PinkGina on helping the poor

PinkGina made this excellent comment over on Kiwiblog, I just had to reproduce it in full here. It is an excellent illustration of helping people to help themselves:

I thought this was a very timely lesson on human nature…

I was talking to a friend of mines little girl the other day. I asked her what she wanted to be when she grew up and she replied, “I want to be Prime Minister!” Both of her parents are Labour supporters and were standing there. So then I asked her, “If you were Prime Minister what would be the first thing you would do?”

She replied, “I’d give houses to all the homeless people.”

“Wow – what a worthy goal.” I told her, “You don’t have to wait until you’re Prime Minister to do that. You can come over to my house and mow, pull weeds, and sweep my yard, and I’ll pay you $50. Then I’ll take you over to the grocery store where this homeless guy hangs out, and you can give him the $50 to use toward a new house.”

Since she is only 6, she thought that over for a few seconds. While her Mum glared at me, she looked me straight in the eye and asked, “Why doesn’t the homeless guy come over and do the work, and you can just pay him the $50?”

And I said, “Welcome to the National Party.”

Give a man a fish, and you feed him for a day. Teach a man to fish, and you feed him for a lifetime. But ignore the National plug at the end of course, check our our welfare policy instead!

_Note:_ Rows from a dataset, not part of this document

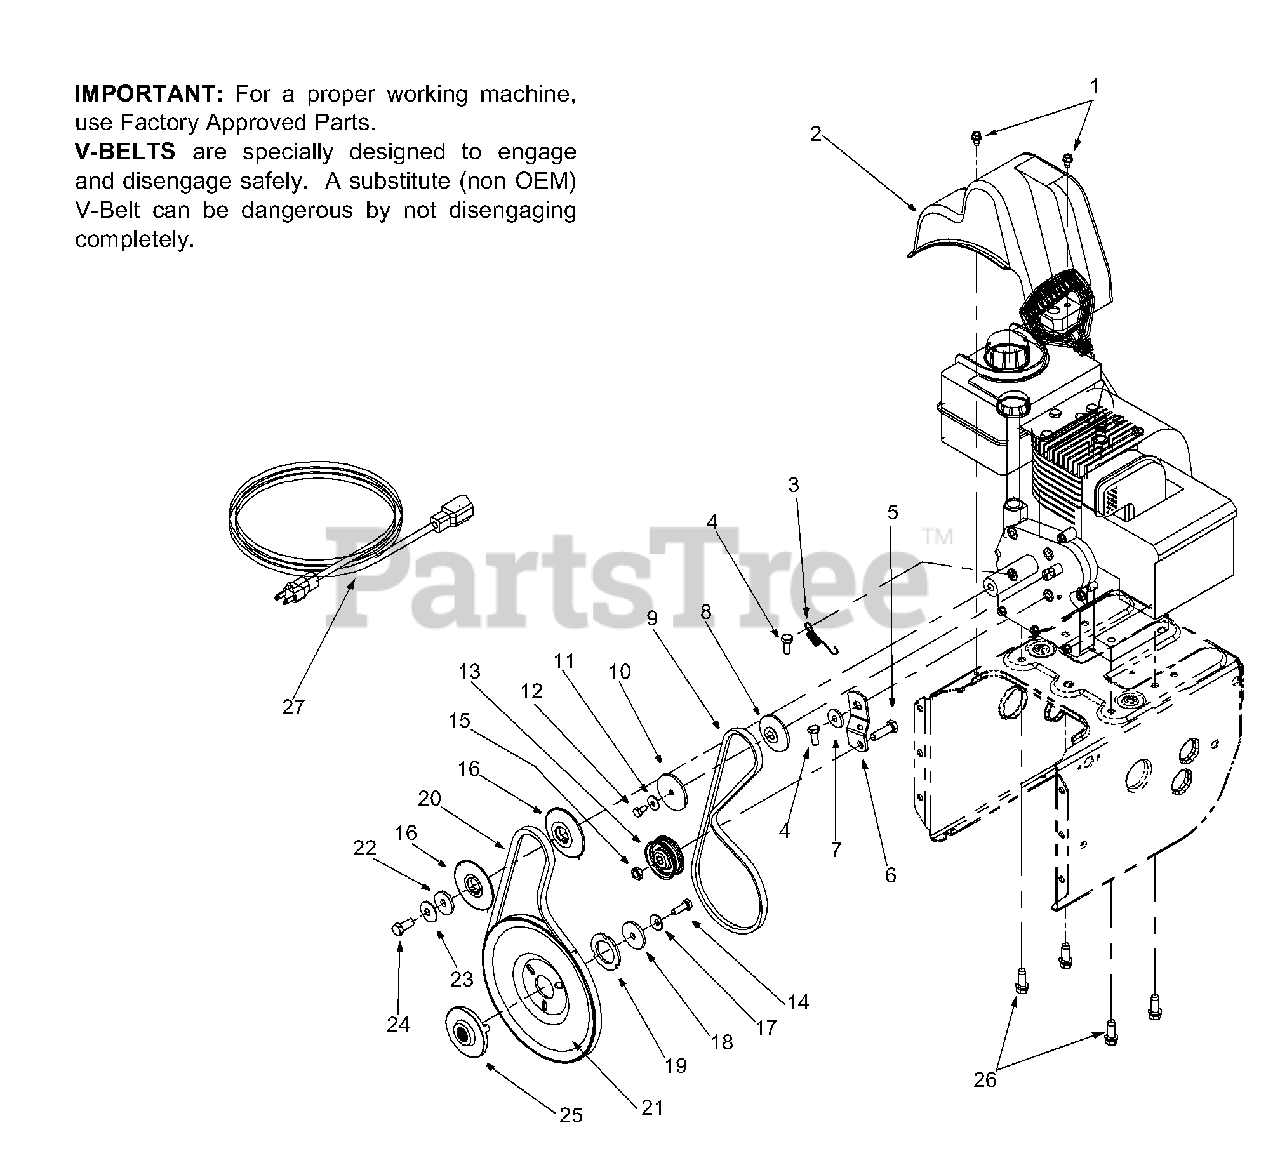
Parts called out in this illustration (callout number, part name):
1	Hex Washer Screw 1/4-20 x.625
2	Belt Cover
3	Extension Spring
4	Hex Screw 5/16-24 x .75
5	Hex Cap Screw 3/8-16 x 1.25
8	Pulley Half
9	V-Belt
10	Pulley Half
11	Bell Washer
12	Hex Cap Screw 1/4-28 x .50
13	Flat Idler
14	Lock Cap Screw 5/16-24
15	Lock Jam Nut 3/8-16
16	Pulley Half
17	Bell Washer
18	Flat Washer
19	Washer
20	Belt
21	Auger Pulley
22	Flat Washer
23	Bell Washer
24	Hex Cap Screw 3/8-24
25	Pulley
26	Hex Washer Screw 3/8-16 x 1.0
27	Extension Cord
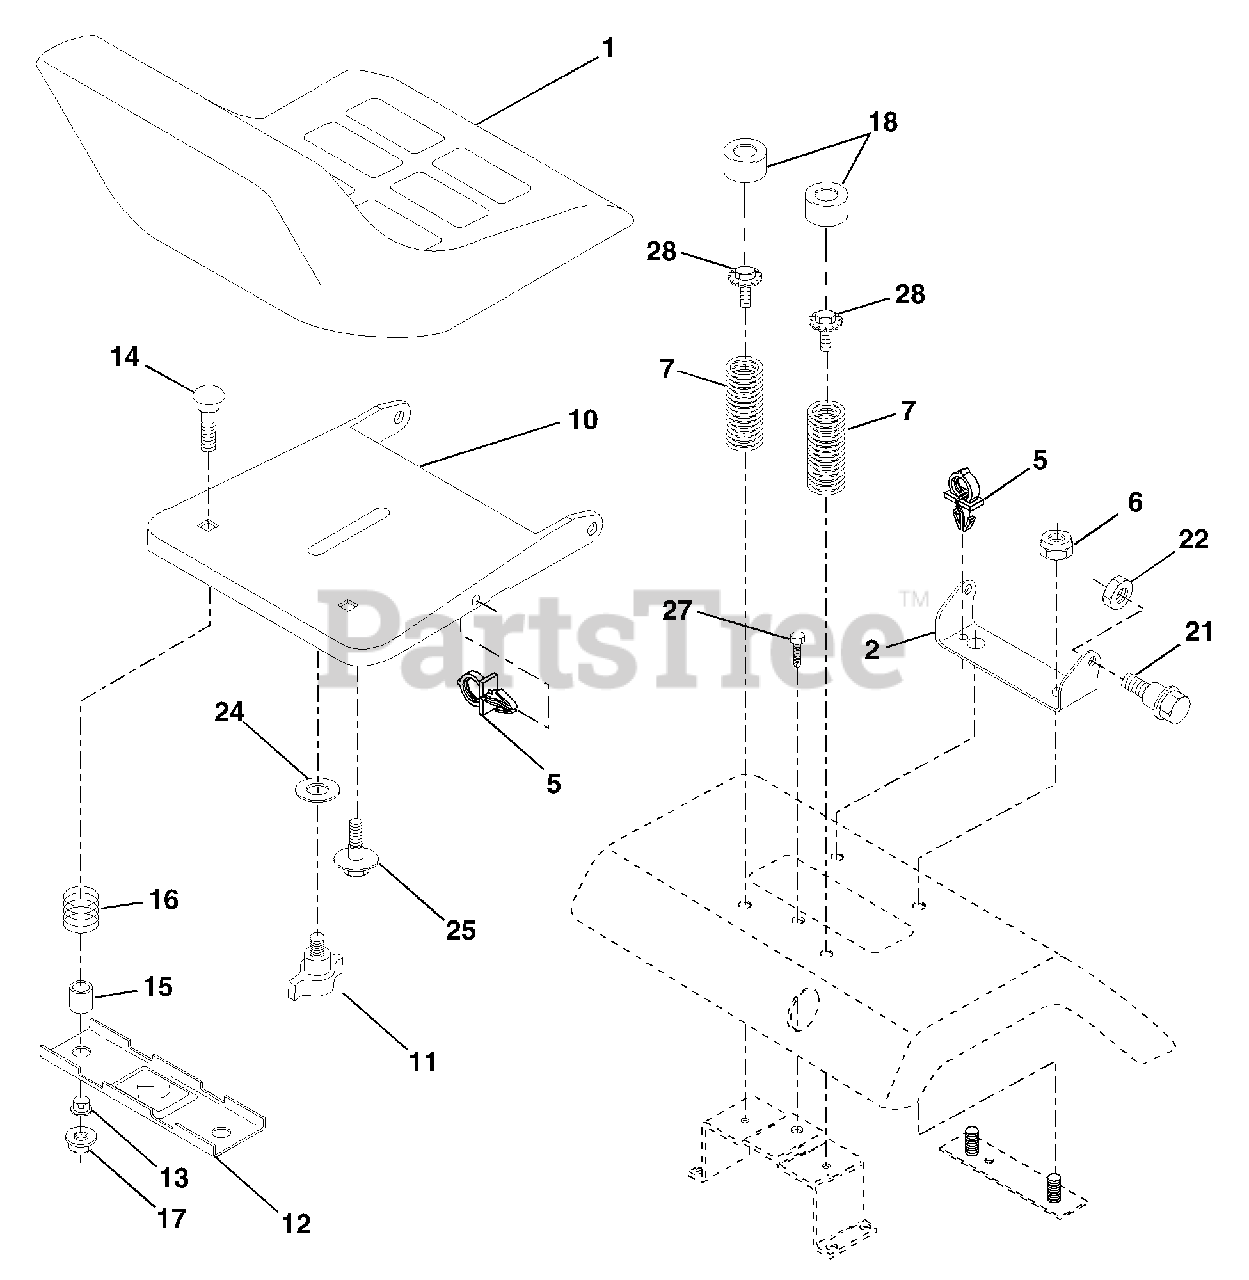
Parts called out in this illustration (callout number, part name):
1	Seat
2	Pivot Bracket, Seat
5	Clip, Push-in Hinged
6	Nut, Lock Hex w/Ins 3/8-16 UNC
7	Spring, Seat
10	Pan, Seat
11	Knob, Seat, Black
12	Bracket, Switch Mounting
13	Bushing, Snap, Black, Nylon
14	Bolt, Carriage 1/4-20 x 1-1/2
15	Spacer, Split .28 x .96
16	Spring
17	Locknut, Flange 1/4 Grade 5
18	Cap Spring Seat Blk 1.75 x 1.0
21	Bolt, Shoulder 5/16-18 Unc -2A
22	Nut Lock Hex W/Ins 5/16-18 Unc
24	Washer 17/32 x 1-3/16 x 12 Gauge
25	Bolt, Shoulder 5/16-18 x .62
27	Screw Thdrol 3/8-16 x 3/4
28	Bolt 5/16-18 UNC x 3/4 w/Sems

Meet the Candidates meetings

Two “Meet the Candidates” meetings this week I will be attending:

  • Wednesday 29 October, 7:30pm, Lincoln Community Centre, Lincoln
    Selwyn electorate
  • Thursday 30 October, 7:30pm, Cracroft Community Centre, Old Stone House, Shalamar Drive
    Wigram electorate

Feel free to come along, it would be great to meet you.

On the campaign trail

Amy Adams, David Coates and myself had a productive time today talking to people at the Hororata Fair. Well I know I and Amy Adams did, Coates wasn’t wearing any badge (although he had a red tie) so was not recognisable as a candidate unless you already knew him, and I didn’t see him talking to too many people. Strong National heartland though so he can be expected to have little luck!

I was the only candidate that had taken the initiative to get prior approval to attend and advertise there from the organisers, and purchase a stall, which as it turned out was bang in the centre of the entire fair, so from nearly any position if you looked round my truck (with billboards) was plainly seen. I can only thank the organisers for selecting an excellent location for me.

I had a good response and talked to a lot of people, many of whom were interested in the party. Plenty of people are intending to vote National or Act too, which is encouraging as it all points towards a change of government – but this is to be expected in a rural area.

Drinking age

In the minor parties debate tonight, Tariana Turia, Winston Peters and Jim Anderton supported raising the drinking age back to 20. Rodney Hide did not support this, nor did Peter Dunne or Jeanette Fitzsimons, who both pointed out that the problem binge-drinkers are the 13-year-olds, for whom alcohol is illegal anyway. In their opinion changing the drinking age would not affect this at all.

I disagree. Where are these 13-year-olds getting their alcohol from? Sometimes their parents, but not normally enough to really get them into trouble. I would suspect they are primarily getting it from 18-year-old friends.

Raising the age from 18 to 20 won’t stop 18-year-olds drinking. They have always been able to obtain alcohol from their older friends. But it will make it a lot harder for 13-year-olds to obtain alcohol, because they will usually have fewer 20-year-old friends. So raising the drinking age should be an effective way of combatting teenage alcohol abuse.

Jeanette Fitzsimons and Referenda

I noted that when Jeanette Fitzsimons was asked if the Greens would honour the result of a referendum on MMP, she indicated that of course they would.

So I assume, to be consistent, she will also honour the will of the people next year when we have a referendum on the smacking law?

Fat chance of that, but you can always dream.